The authors report the case of a 39-year-old man, with a medical history of asthma and sinusitis, who consulted in the ER for abdominal pain and partial occlusion syndrome. Diagnostic laparoscopy showed images of digestive vasculitis. Skin biopsy of an axillary subcutaneous mass which had lipomatous aspect was compatible with vasculitis associated with a perivascular infiltrate rich in eosinophils. Biology showed a persistent hyper eosinophilia in the blood. Antineutrophil cytoplasmic antibodies were negative. There was no evidence of pulmonary infiltrate or sinus opacity. The other cardiac, neurological and renal explorations were normal. The diagnosis of EGPA was suspected based on clinical and biological arguments. It was confirmed by skin biopsy of an atypical axillary mass. Treatment with corticosteroid therapy and immunosuppressants resulted in spectacular clinical improvement with a 3-year follow-up.

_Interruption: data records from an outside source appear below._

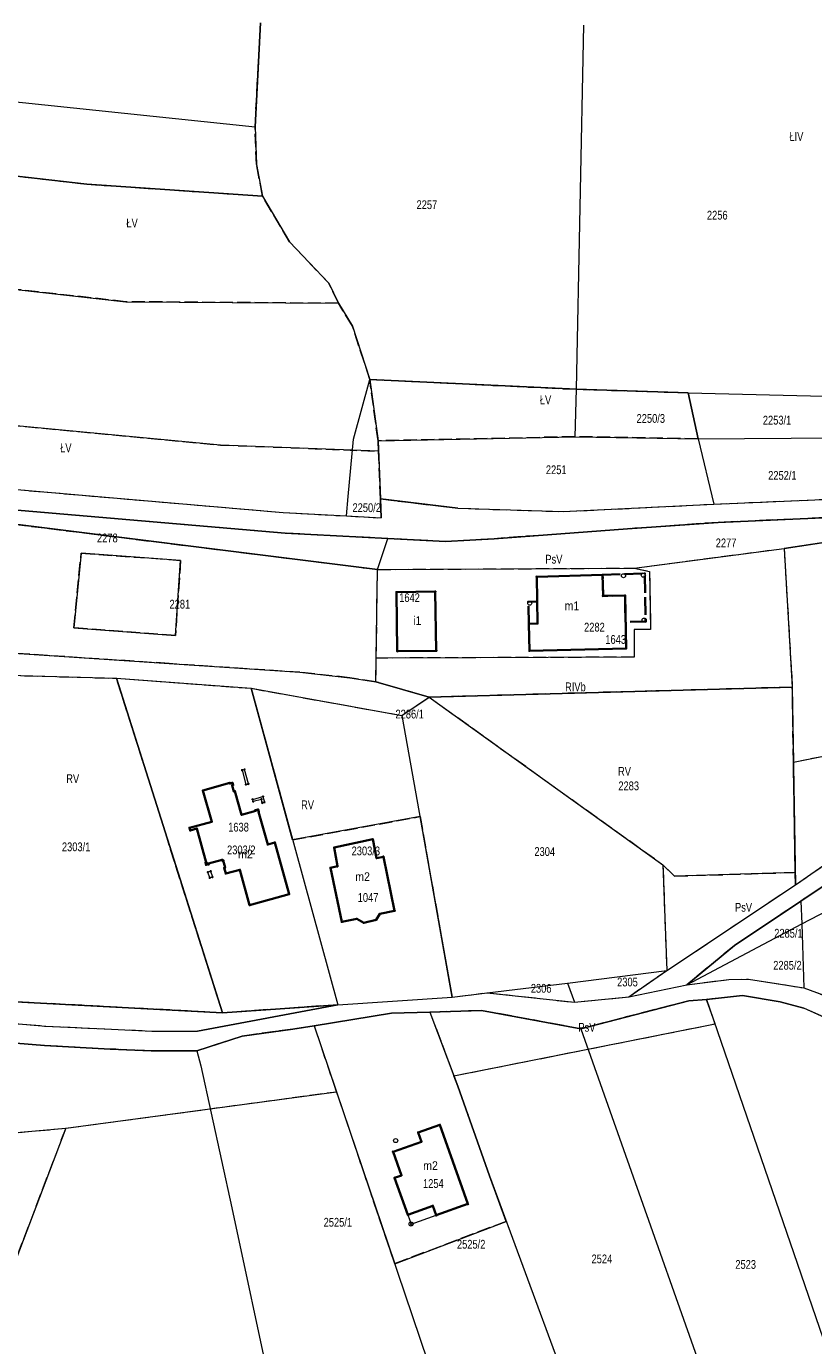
# Model space of a CAD drawing. Header units: metres. Extents: x 7496145 to 7500200, y 5498500 to 5502080.
# Tile 28 of 202: x 7498279 to 7498414, y 5498899 to 5499124. Entities that reach past the tile are written whole.
import ezdxf
from ezdxf.enums import TextEntityAlignment as Align

# ---------------------------------------------------------------- set-up
doc = ezdxf.new("R2010")
doc.units = ezdxf.units.M
doc.header["$MEASUREMENT"] = 0
for name, pattern in [('2.25_0.75', [3, 2.25, -0.75]), ('219-1000', [0]), ('3.0_0.75', [3.75, 3, -0.75]), ('egug-1000', [0])]:
    doc.linetypes.add(name, pattern=pattern)
doc.layers.get('0').update_dxf_attribs({"color": 2, "linetype": 'CONTINUOUS', "lineweight": 5})
for name, color, linetype in [('209-oznaczenie konturu klasyfikacyjnego', 7, 'CONTINUOUS'), ('211-numer działki ewidencyjnej', 7, 'CONTINUOUS'), ('217-kontur klasyfikacyjny', 7, 'CONTINUOUS'), ('218-kontur użytku gruntowego', 7, 'CONTINUOUS'), ('219-działka ewidencyjna', 7, 'CONTINUOUS'), ('310-podpora', 7, 'CONTINUOUS'), ('311-podpora', 7, 'CONTINUOUS'), ('312-budynek ewidencyjny', 7, 'CONTINUOUS'), ('312-oznaczenie budynku ewidencyjnego', 7, 'CONTINUOUS'), ('312-oznaczenie budynku ewidencyjnego-Atr117', 7, 'CONTINUOUS'), ('blok - nawis', 7, 'CONTINUOUS'), ('inny obiekt trwale związany z budynkiem (powierzchnia)', 7, 'CONTINUOUS'), ('Punkt budynku', 7, 'CONTINUOUS')]:
    doc.layers.add(name, color=color, linetype=linetype)
doc.styles.get("Standard").update_dxf_attribs({"font": 'Working1250', "width": 0.75})

# ---------------------------------------------------------------- blocks, each defined once
blk = doc.blocks.new('PUNKTBUD')
at = {"color": 0}
blk.add_circle((0, 0), 0.09, dxfattribs=at)
blk = doc.blocks.new('311')
at = {"color": 0, "linetype": 'Continuous', "lineweight": 0}
blk.add_circle((0, 0), 0.35, dxfattribs=at)

msp = doc.modelspace()

# ---------------------------------------------------------------- linework, layer by layer
at = {"layer": '217-kontur klasyfikacyjny', "color": 3, "linetype": '2.25_0.75', "lineweight": 18, "flags": 128}
for points in [[(7498318.31, 5499106.82), (7498319.25, 5499124.58)], [(7498318.55, 5499100.39), (7498318.31, 5499106.82)], [(7498258.23, 5499100.63), (7498289.62, 5499097.04)], [(7498319.59, 5499095.01), (7498318.55, 5499100.39)], [(7498289.62, 5499097.04), (7498319.59, 5499095.01)], [(7498324.17, 5499087.22), (7498319.59, 5499095.01)], [(7498330.87, 5499080.17), (7498324.17, 5499087.22)], [(7498296.31, 5499077), (7498265.96, 5499080.4)], [(7498332.53, 5499076.73), (7498330.87, 5499080.17)], [(7498332.53, 5499076.73), (7498296.31, 5499077)], [(7498334.91, 5499072.83), (7498332.53, 5499076.73)], [(7498337.87, 5499063.73), (7498334.91, 5499072.83)], [(7498339.27, 5499053.27), (7498337.87, 5499063.73)], [(7498337.87, 5499063.73), (7498373.08, 5499062.05)], [(7498373.08, 5499062.05), (7498392.12, 5499061.46)], [(7498392.12, 5499061.46), (7498393.84, 5499053.61)], [(7498228.36, 5499060.5), (7498312.41, 5499052.54)], [(7498312.41, 5499052.54), (7498339.35, 5499051.49)], [(7498372.86, 5499053.97), (7498339.27, 5499053.27)], [(7498339.35, 5499051.49), (7498339.27, 5499053.27)], [(7498393.84, 5499053.61), (7498372.86, 5499053.97)], [(7498339.7, 5499043.35), (7498339.35, 5499051.49)], [(7498255.96, 5499046.82), (7498323.12, 5499041.03)], [(7498323.46, 5499037.5), (7498255.91, 5499043.29)], [(7498339.82, 5499040.11), (7498339.7, 5499043.35)], [(7498339.7, 5499043.35), (7498352.86, 5499041.77)], [(7498352.86, 5499041.77), (7498370.84, 5499041.18)], [(7498370.84, 5499041.18), (7498396.5, 5499042.47)], [(7498396.5, 5499042.47), (7498417.71, 5499043.37)], [(7498454.5, 5499041.88), (7498397.26, 5499039.35)], [(7498268.28, 5499040.16), (7498339.18, 5499031.32)], [(7498323.12, 5499041.03), (7498333.92, 5499040.45)], [(7498333.92, 5499040.45), (7498339.82, 5499040.11)], [(7498397.26, 5499039.35), (7498381.8, 5499038.25)], [(7498340.94, 5499036.6), (7498323.46, 5499037.5)], [(7498381.8, 5499038.25), (7498359.07, 5499036.56)], [(7498408.5, 5499034.92), (7498430.34, 5499038.22)], [(7498350.77, 5499036.09), (7498340.94, 5499036.6)], [(7498359.07, 5499036.56), (7498350.77, 5499036.09)], [(7498382.93, 5499031.54), (7498408.5, 5499034.92)], [(7498408.5, 5499034.92), (7498409.89, 5499011.25)], [(7498287.4, 5499021.36), (7498288.68, 5499034.09)], [(7498288.68, 5499034.09), (7498305.62, 5499032.86)], [(7498305.62, 5499032.86), (7498304.73, 5499020.08)], [(7498338.97, 5499016.2), (7498339.18, 5499031.32)], [(7498339.18, 5499031.32), (7498382.93, 5499031.54)], [(7498382.93, 5499031.54), (7498385.57, 5499030.99)], [(7498385.57, 5499030.99), (7498385.74, 5499021.08)], [(7498304.73, 5499020.08), (7498287.4, 5499021.36)], [(7498385.74, 5499021.08), (7498382.94, 5499021.08)], [(7498382.94, 5499021.08), (7498382.95, 5499016.36)], [(7498285.9, 5499016.45), (7498269.48, 5499017.54)], [(7498303.68, 5499015.27), (7498285.9, 5499016.45)], [(7498325.94, 5499013.79), (7498303.68, 5499015.27)], [(7498338.91, 5499012.13), (7498338.97, 5499016.2)], [(7498382.95, 5499016.36), (7498338.97, 5499016.2)], [(7498258.01, 5499013.8), (7498294.67, 5499012.75)], [(7498294.67, 5499012.75), (7498317.65, 5499011.04)], [(7498312.77, 5498955.69), (7498294.67, 5499012.75)], [(7498334.46, 5499012.85), (7498325.94, 5499013.79)], [(7498338.91, 5499012.13), (7498334.46, 5499012.85)], [(7498347.99, 5499009.54), (7498338.91, 5499012.13)], [(7498317.65, 5499011.04), (7498343.36, 5499006.4)], [(7498317.65, 5499011.04), (7498324.72, 5498985.17)], [(7498409.89, 5499011.25), (7498347.99, 5499009.54)], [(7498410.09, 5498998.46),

The cutaneous manifestations can have an essential contribution for the diagnosis of vasculitis. Early recognition of these lesions is essential for proper treatment and prevention of serious visceral complications.
Our observation is unique due to the atypical cutaneous manifestation which contributed to the early positive diagnosis of EGPA.
Keywords: Eosinophilic granulomatosis with polyangiitis, cutaneous manifestation, axillary mass.